Ему кажется, что вечер тянется бесконечно. Голова готова взорваться. Он дремлет урывками, но резко просыпается, когда чувствует, что снова падает. Хотя на самом деле промокший от пота лежит на больничной койке под тонкой белой простыней и дрожит. Каждый раз, закрывая глаза, он видит несущийся к нему край платформы, мир вращается во всех направлениях. Его удерживает и придавливает невидимая тяжесть, расплющивающая все тело. А ему просто хочется пошевелиться, свыкнуться с ощущениями, сбросить с себя липкую простыню и выбежать отсюда на свежий воздух. Но в комнате стоит тяжелый запах лекарств, с бледно-голубого потолка льется яркий свет, и все, чего хочется Матео, это кричать. Он просит попить, но медсестра настаивает, что ему ничего нельзя до завтрашнего утра. Пустой резервуар соляного раствора заменяют новым, но тот не может утолить его жажды. Он пытается сесть, но ему не дает это сделать головокружение. Когда он понимает, что не может даже встать с кровати, его одолевает ощущение абсолютной бесполезности. С равными интервалами к нему заходят разные медсестры: померить температуру, проверить пульс и давление. Сначала он слишком горячий, потом — слишком холодный. Он обессилен, но сон к нему не идет. В какой-то миг он, наверное, что-то говорит, потому что медсестра начинает хлопать его по руке и приговаривать, что с ним все будет хорошо и скоро он отправится домой. Он не понимает, что это значит. И насколько ему это важно. Жизнь утекает из него, и он чувствует, что тонет. Его отчаяние слишком велико и пусто, чтобы вместить еще одного человека. В нем поселился страх, а депрессия превратила в ничто.

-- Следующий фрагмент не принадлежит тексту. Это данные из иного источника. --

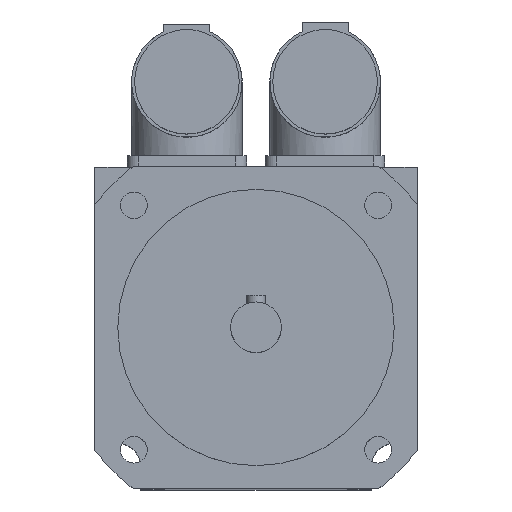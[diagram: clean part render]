
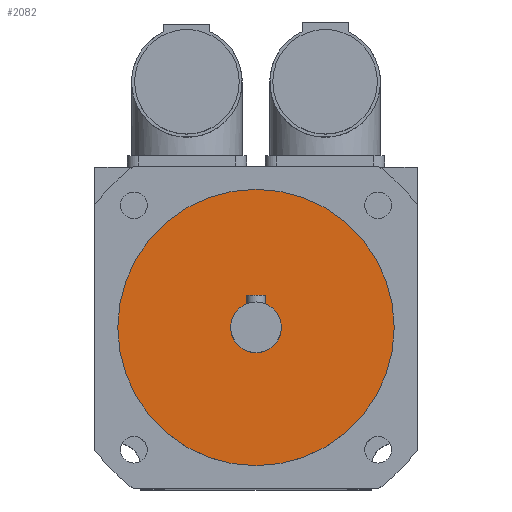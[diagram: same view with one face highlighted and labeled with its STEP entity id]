
A CAD part, top view. The second image highlights one B-rep face of the part: STEP entity #2082.
In plain terms, the highlighted planar face has unit normal (0, 0, 1).
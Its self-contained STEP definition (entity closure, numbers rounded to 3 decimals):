
#36=FACE_BOUND('',#359,.T.);
#61=CIRCLE('',#2206,5.5);
#62=CIRCLE('',#2209,30.);
#234=FACE_OUTER_BOUND('',#358,.T.);
#358=EDGE_LOOP('',(#1420));
#359=EDGE_LOOP('',(#1421));
#878=VERTEX_POINT('',#3179);
#879=VERTEX_POINT('',#3183);
#1092=EDGE_CURVE('',#878,#878,#61,.T.);
#1093=EDGE_CURVE('',#879,#879,#62,.T.);
#1420=ORIENTED_EDGE('',*,*,#1093,.T.);
#1421=ORIENTED_EDGE('',*,*,#1092,.T.);
#2019=PLANE('',#2211);
#2082=ADVANCED_FACE('',(#234,#36),#2019,.T.);
#2206=AXIS2_PLACEMENT_3D('',#3180,#2468,#2469);
#2209=AXIS2_PLACEMENT_3D('',#3184,#2474,#2475);
#2211=AXIS2_PLACEMENT_3D('',#3187,#2478,#2479);
#2468=DIRECTION('center_axis',(0.,0.,-1.));
#2469=DIRECTION('ref_axis',(-1.,0.,0.));
#2474=DIRECTION('center_axis',(0.,0.,1.));
#2475=DIRECTION('ref_axis',(-1.,0.,0.));
#2478=DIRECTION('center_axis',(0.,0.,1.));
#2479=DIRECTION('ref_axis',(1.,0.,0.));
#3179=CARTESIAN_POINT('',(5.5,0.,128.));
#3180=CARTESIAN_POINT('Origin',(0.,0.,128.));
#3183=CARTESIAN_POINT('',(30.,0.,128.));
#3184=CARTESIAN_POINT('Origin',(0.,0.,128.));
#3187=CARTESIAN_POINT('Origin',(0.,0.,
128.));

Должно быть, на какое-то время Матео задремал, потому что, открыв глаза, обнаруживает, что свет изменился. В окне напротив его постели солнце обернулось золотым и теперь постепенно погружается в небо. Он делает вдох и ощущает, как возле лица что-то двигается вместе с ним. Кто-то гладит его по щеке, держит за руку. С испуганным вздохом он поворачивает голову.

— Прости, дорогой, я не хотела тебя будить.

Он следует за голосом и встречается с взглядом Лолы, полным нежности и тревоги. Ее распущенные волосы струятся по плечам и касаются его обнаженных рук. Она сидит на краю кровати, склонившись над ним, ее теплые пальцы покоятся на его щеке.

— Привет!

От слез у него начинает щипать глаза. Видеть ее ему эмоционально тяжело, и он боится сломаться. Он не может поверить, что она здесь, и опасается, что это может быть всего лишь сон, что сейчас он закроет глаза, а, проснувшись, ее не обнаружит.